Should be ready to land now.

sys/netinet/tcp_input.c
305–308

leaving the brackets aroung the arithmetic evaluations to be clear about evaluation ordering, while removing other superfluous brackets here.

cc added inline comments.
sys/netinet/tcp_input.c
307

Need one more space of indent on the third line to indicate the third line is part of the second condition:

(V_tcp_do_newcwv && (tp->snd_cwnd <= tp->snd_wnd) &&
(tp->snd_cwnd < (tcp_compute_pipe(tp) * 2)))) <== add one more space

  • add single 3rd level indentation space to long if clause
sys/netinet/tcp_input.c
307

FBSD style guide states, to use only tab (8 space) first level indentation, and to break up any lengthy single line statement with 4 space 2nd level indentation.

However, there is precedent to this, e.g. tcp_input.c:1635, 1835, 1853, 2371 and more (and couple ~1/3 few instances, where 2nd level indentation was done with one superfluous space).

Since IMHO this does improve readability, will add this space.

rrs requested changes to this revision.Nov 21 2019, 8:14 PM
rrs added a subscriber: rrs.

You cannot use tcp_compute_pipe() with rack. It does not use
the same variables as the default stack. Instead you must use the
ctf_flight_size() function to get whats in flight.

Please see other instances in rack for proper use of the function.

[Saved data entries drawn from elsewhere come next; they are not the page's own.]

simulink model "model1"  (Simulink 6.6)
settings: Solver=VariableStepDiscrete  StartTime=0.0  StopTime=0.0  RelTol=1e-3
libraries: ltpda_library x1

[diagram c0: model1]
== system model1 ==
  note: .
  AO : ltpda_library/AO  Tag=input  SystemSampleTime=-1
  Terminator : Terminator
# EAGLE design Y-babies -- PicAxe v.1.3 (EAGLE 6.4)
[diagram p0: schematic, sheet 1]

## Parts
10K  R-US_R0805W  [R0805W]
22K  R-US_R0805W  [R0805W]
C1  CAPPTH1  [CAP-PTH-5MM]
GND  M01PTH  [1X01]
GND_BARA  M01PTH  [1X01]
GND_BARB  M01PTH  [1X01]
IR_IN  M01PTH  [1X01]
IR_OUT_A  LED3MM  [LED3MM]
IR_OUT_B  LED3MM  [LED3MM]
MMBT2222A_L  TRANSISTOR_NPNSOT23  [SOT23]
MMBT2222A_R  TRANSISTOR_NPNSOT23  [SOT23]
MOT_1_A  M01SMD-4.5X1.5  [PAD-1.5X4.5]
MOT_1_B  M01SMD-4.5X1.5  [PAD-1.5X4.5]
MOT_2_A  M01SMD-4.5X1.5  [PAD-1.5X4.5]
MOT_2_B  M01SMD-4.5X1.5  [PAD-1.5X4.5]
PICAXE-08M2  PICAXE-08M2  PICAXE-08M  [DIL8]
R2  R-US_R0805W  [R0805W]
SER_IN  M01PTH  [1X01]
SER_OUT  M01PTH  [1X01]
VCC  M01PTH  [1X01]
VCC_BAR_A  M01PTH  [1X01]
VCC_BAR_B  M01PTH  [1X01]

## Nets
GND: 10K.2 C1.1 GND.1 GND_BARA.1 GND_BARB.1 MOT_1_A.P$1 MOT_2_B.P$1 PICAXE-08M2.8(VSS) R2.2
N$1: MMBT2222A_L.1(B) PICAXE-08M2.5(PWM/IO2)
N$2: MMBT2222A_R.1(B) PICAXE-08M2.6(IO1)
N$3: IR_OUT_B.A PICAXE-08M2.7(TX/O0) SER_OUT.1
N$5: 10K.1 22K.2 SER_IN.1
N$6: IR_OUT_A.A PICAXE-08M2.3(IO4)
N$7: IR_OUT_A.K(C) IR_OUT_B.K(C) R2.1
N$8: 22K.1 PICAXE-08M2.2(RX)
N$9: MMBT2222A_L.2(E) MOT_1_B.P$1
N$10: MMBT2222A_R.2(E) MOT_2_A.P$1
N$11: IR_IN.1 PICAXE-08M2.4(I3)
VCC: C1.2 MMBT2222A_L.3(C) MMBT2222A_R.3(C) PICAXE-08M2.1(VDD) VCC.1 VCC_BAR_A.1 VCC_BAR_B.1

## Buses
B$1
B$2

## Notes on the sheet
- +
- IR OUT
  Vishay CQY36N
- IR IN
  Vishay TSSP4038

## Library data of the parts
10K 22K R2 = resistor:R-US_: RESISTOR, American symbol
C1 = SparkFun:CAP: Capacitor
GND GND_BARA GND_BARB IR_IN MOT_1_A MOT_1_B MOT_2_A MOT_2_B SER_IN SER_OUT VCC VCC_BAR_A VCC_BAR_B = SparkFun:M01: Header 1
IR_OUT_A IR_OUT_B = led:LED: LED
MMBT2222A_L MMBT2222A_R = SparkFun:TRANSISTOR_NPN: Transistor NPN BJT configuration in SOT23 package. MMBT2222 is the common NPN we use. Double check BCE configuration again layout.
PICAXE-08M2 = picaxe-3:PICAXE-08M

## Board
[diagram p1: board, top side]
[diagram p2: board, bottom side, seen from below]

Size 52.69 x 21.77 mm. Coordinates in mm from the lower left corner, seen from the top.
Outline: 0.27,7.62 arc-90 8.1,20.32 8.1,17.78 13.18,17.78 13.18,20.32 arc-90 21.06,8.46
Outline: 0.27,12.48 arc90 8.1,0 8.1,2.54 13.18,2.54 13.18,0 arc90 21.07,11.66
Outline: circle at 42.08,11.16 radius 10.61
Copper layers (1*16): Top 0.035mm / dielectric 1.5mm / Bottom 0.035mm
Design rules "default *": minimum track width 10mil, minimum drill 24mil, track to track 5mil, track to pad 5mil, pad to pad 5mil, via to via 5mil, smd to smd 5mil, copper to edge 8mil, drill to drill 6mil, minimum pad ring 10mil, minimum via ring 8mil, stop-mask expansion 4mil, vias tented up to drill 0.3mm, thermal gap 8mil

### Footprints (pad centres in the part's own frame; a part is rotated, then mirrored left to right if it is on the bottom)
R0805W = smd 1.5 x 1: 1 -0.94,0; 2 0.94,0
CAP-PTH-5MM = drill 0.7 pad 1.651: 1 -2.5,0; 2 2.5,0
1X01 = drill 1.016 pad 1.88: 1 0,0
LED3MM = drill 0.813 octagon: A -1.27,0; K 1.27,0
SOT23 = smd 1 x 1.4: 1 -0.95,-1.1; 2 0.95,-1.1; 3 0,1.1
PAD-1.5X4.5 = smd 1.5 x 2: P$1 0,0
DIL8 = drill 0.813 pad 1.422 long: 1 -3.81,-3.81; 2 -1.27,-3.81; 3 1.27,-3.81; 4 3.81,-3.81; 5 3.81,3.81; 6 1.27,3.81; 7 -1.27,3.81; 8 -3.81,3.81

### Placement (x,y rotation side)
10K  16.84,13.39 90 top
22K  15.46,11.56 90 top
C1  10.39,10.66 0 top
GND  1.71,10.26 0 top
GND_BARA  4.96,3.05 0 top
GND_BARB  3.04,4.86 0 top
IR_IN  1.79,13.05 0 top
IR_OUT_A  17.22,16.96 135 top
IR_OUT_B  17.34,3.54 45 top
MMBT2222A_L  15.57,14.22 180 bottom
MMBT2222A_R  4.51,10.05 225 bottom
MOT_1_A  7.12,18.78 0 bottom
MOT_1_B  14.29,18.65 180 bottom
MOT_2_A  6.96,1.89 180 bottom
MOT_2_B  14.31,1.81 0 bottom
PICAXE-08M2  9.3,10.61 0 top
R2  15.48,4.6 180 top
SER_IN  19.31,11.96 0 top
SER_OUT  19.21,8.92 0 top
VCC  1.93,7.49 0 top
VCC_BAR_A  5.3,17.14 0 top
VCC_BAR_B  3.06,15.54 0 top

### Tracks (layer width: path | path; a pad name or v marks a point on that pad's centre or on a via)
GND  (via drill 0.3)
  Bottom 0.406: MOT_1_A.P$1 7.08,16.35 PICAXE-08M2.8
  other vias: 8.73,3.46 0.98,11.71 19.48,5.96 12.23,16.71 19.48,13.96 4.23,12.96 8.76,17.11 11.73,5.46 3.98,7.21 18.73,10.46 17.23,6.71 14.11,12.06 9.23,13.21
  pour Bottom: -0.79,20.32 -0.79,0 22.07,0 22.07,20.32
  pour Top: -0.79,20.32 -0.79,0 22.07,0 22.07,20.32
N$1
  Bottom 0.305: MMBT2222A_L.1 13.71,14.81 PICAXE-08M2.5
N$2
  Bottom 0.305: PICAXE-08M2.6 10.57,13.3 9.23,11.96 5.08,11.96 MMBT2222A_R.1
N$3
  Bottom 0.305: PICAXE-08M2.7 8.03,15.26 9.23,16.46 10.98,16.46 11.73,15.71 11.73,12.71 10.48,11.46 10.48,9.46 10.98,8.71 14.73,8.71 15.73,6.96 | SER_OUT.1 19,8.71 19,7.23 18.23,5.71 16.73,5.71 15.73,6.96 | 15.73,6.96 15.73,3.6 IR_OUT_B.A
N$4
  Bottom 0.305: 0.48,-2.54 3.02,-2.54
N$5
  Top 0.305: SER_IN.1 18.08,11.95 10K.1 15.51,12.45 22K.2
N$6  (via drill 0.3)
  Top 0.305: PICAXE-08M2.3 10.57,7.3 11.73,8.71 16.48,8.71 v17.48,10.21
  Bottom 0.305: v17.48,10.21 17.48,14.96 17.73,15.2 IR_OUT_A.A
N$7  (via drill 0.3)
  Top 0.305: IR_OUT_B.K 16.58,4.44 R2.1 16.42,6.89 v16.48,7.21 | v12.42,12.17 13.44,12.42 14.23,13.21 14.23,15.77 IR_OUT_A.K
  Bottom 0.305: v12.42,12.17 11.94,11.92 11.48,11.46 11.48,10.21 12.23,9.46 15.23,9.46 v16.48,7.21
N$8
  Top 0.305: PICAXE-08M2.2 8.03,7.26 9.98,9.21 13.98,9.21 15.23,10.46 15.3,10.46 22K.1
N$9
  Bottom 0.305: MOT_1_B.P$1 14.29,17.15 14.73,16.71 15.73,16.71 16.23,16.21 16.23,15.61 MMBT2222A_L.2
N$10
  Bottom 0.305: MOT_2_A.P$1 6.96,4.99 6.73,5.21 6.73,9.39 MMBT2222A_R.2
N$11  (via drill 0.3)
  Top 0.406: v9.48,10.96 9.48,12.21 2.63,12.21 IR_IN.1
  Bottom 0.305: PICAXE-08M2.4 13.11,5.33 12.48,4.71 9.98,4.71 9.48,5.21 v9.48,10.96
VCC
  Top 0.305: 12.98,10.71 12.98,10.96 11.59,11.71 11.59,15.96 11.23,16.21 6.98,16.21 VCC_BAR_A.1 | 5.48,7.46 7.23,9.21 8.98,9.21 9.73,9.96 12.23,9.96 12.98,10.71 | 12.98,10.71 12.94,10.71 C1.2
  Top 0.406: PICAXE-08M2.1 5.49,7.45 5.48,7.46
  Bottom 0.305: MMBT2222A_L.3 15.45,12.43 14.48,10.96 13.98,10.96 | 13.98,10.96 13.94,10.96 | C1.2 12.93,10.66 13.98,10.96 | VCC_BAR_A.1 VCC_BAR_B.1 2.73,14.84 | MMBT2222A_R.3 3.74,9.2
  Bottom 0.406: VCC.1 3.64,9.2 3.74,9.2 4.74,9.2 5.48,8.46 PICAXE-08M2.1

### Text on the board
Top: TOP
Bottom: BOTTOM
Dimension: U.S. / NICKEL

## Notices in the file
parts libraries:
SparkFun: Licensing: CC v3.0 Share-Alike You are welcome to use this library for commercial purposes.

This revision now requires changes to proceed.Nov 21 2019, 8:14 PM
  • using ctf_flight_size instead of tcp_compute_pipe in rack
This revision is now accepted and ready to land.Nov 22 2019, 11:29 AM
tuexen added inline comments.
share/man/man4/tcp.4
549

The documentation of rfc6675_pipe is not related to this change. I committed it separately in r355268.